WHAT YOU WILL DO → Reproduce exactly, and only, the lines below from the one containing "#6972=CARTESIAN_POINT('',(19.677,0.,5.497));" through the one containing "#6991=CARTESIAN_POINT('',(-12.149,0.,17.089));".

EXCERPTED RECORDS →
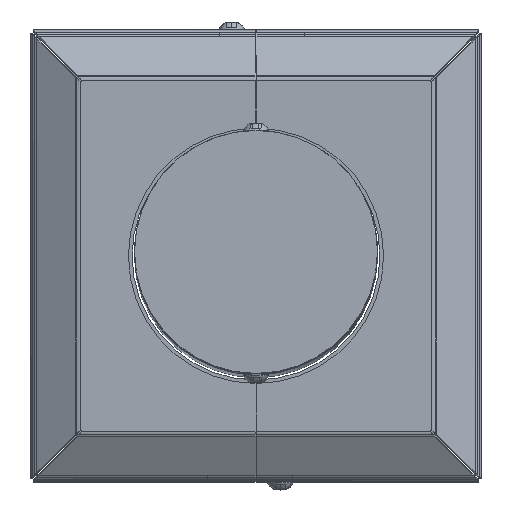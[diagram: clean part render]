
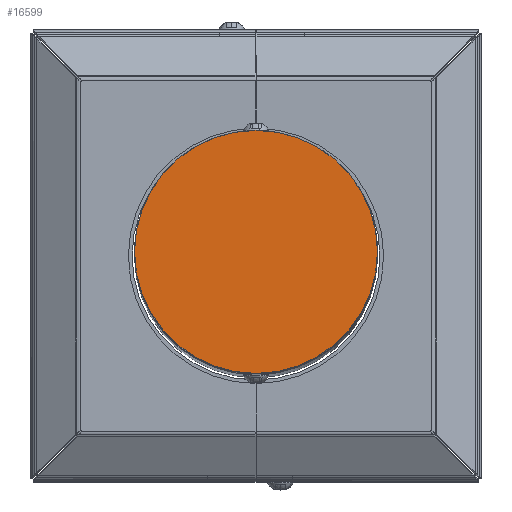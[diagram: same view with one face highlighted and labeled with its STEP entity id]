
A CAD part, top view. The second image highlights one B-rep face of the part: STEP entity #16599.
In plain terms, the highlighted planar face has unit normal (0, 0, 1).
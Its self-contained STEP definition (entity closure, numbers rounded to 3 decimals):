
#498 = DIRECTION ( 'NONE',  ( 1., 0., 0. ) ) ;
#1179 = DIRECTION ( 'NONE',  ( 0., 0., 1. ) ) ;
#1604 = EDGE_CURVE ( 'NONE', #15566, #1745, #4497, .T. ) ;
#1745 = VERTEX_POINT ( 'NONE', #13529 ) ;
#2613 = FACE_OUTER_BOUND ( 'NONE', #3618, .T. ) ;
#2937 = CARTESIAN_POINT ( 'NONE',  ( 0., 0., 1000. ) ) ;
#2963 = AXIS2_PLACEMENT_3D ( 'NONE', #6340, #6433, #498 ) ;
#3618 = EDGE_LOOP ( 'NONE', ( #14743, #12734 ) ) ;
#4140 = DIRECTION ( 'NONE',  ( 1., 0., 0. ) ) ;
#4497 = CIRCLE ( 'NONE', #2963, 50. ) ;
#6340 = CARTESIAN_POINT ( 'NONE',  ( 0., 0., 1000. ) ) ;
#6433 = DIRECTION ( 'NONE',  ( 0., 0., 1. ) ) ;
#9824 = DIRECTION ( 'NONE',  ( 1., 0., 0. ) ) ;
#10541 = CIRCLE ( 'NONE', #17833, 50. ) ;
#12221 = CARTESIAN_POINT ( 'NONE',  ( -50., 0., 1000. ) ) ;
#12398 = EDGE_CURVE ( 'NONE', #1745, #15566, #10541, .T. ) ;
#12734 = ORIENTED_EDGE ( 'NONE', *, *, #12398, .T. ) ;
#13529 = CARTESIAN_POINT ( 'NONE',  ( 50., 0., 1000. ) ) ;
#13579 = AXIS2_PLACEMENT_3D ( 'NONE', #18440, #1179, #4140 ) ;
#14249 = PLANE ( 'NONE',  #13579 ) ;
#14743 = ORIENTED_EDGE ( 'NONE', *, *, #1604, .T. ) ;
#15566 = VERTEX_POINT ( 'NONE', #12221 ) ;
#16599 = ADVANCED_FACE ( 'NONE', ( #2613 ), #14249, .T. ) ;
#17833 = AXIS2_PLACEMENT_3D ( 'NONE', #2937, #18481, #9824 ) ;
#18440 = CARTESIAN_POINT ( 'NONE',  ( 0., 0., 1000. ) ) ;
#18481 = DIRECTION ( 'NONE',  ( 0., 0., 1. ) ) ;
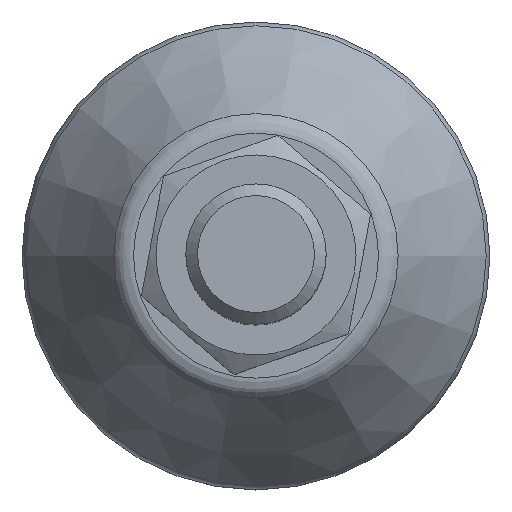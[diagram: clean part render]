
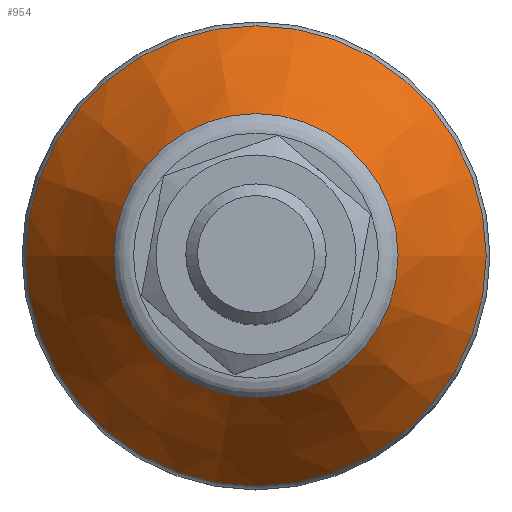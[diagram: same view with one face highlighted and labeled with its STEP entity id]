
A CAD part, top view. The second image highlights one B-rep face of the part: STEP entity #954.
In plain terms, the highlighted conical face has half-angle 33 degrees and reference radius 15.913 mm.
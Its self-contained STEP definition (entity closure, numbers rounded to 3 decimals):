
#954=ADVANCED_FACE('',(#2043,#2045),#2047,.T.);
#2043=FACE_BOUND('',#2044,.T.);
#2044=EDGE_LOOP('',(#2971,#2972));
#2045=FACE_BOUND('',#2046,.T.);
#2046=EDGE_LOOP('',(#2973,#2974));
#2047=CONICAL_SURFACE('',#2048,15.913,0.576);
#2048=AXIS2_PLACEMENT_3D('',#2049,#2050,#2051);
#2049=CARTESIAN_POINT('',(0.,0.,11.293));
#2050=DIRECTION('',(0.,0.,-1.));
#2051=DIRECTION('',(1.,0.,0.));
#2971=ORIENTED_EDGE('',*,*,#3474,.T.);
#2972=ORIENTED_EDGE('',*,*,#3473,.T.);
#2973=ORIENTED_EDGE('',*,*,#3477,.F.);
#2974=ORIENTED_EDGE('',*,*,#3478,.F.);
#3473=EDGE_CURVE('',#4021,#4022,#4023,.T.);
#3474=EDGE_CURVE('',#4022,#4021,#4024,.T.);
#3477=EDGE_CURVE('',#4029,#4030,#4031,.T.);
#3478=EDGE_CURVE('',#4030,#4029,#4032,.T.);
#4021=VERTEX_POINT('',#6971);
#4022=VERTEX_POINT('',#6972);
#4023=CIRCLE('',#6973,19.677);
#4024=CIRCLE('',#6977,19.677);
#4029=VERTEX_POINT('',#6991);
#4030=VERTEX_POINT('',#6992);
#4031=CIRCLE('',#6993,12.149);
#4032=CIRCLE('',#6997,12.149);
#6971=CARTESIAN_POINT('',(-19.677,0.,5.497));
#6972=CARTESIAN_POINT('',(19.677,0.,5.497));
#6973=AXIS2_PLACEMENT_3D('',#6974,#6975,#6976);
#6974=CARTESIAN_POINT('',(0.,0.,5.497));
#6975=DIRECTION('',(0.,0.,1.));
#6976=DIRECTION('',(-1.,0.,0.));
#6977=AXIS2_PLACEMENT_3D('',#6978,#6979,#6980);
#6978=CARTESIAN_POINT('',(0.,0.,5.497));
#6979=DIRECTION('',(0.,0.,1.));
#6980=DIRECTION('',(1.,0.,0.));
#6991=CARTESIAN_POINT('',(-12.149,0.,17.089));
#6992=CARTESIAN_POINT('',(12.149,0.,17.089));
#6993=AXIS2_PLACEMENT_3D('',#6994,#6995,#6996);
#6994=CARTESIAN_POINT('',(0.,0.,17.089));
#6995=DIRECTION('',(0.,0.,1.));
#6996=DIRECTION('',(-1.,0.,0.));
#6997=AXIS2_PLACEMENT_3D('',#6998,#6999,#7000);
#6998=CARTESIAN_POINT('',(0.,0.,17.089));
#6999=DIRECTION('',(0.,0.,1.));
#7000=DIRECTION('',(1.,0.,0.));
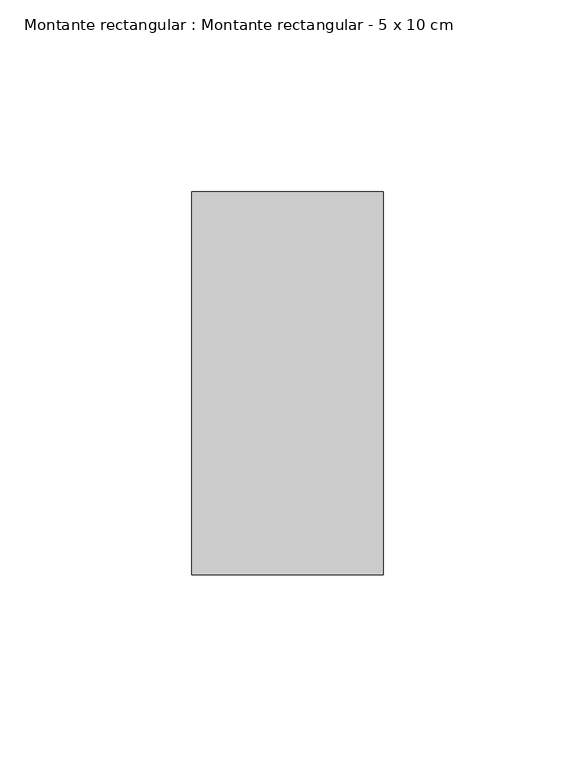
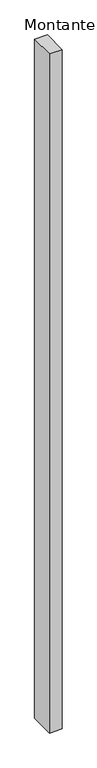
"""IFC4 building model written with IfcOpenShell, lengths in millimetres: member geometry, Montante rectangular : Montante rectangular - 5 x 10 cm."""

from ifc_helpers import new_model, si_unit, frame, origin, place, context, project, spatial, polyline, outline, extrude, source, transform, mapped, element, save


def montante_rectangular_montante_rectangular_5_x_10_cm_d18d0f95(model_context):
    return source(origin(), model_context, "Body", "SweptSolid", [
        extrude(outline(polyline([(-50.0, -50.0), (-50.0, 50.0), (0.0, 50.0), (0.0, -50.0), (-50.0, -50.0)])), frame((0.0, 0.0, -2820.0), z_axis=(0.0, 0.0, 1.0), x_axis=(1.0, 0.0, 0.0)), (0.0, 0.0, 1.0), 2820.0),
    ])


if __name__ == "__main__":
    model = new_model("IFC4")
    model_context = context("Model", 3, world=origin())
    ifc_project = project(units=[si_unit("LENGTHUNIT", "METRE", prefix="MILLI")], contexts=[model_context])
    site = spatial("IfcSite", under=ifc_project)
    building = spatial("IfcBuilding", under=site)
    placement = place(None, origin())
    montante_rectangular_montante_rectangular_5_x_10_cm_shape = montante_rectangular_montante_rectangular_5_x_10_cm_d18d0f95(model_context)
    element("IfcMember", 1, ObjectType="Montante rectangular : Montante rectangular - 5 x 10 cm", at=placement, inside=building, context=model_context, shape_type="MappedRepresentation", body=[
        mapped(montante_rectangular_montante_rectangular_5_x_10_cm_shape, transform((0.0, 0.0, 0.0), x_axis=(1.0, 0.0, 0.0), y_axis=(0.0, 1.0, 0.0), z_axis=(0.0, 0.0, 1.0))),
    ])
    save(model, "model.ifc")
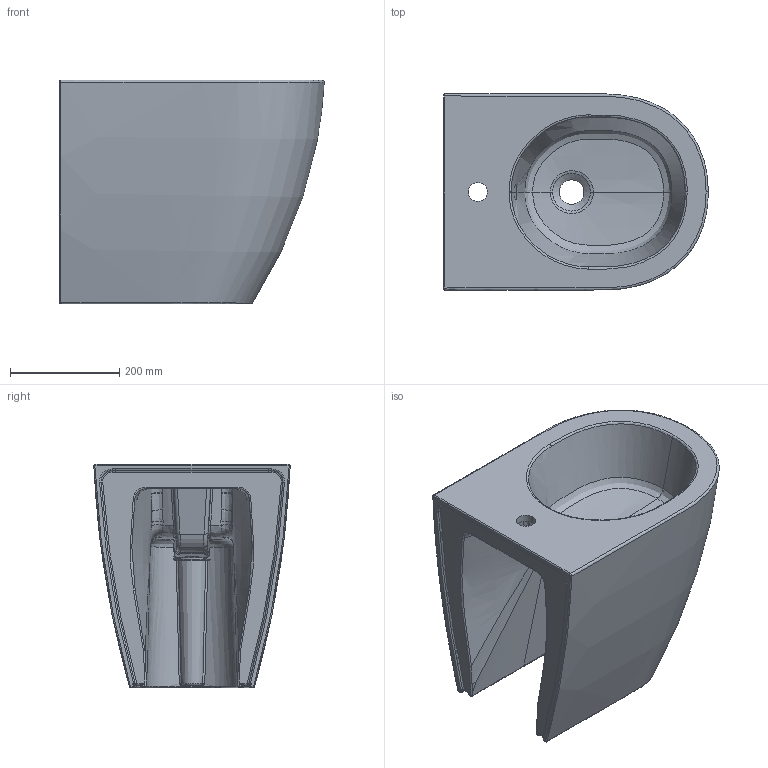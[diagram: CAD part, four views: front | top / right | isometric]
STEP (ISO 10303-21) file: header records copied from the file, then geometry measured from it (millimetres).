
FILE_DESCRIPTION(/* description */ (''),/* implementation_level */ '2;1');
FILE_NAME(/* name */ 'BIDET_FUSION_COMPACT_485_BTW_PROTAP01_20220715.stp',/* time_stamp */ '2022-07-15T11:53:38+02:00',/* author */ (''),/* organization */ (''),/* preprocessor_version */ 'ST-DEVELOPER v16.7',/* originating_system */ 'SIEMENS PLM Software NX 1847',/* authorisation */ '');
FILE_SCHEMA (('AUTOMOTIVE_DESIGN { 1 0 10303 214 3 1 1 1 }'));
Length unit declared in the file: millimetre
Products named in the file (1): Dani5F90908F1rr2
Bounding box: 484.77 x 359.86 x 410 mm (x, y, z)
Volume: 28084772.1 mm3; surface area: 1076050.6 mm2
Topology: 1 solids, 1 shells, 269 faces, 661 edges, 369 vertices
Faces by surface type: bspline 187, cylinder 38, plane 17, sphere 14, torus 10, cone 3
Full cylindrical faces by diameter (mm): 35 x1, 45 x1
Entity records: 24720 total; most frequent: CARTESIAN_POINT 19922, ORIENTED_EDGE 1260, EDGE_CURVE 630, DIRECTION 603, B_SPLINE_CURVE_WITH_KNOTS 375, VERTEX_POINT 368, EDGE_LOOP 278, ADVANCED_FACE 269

EXERCISE RESULT →
#6972=CARTESIAN_POINT('',(19.677,0.,5.497));
#6973=AXIS2_PLACEMENT_3D('',#6974,#6975,#6976);
#6974=CARTESIAN_POINT('',(0.,0.,5.497));
#6975=DIRECTION('',(0.,0.,1.));
#6976=DIRECTION('',(-1.,0.,0.));
#6977=AXIS2_PLACEMENT_3D('',#6978,#6979,#6980);
#6978=CARTESIAN_POINT('',(0.,0.,5.497));
#6979=DIRECTION('',(0.,0.,1.));
#6980=DIRECTION('',(1.,0.,0.));
#6991=CARTESIAN_POINT('',(-12.149,0.,17.089));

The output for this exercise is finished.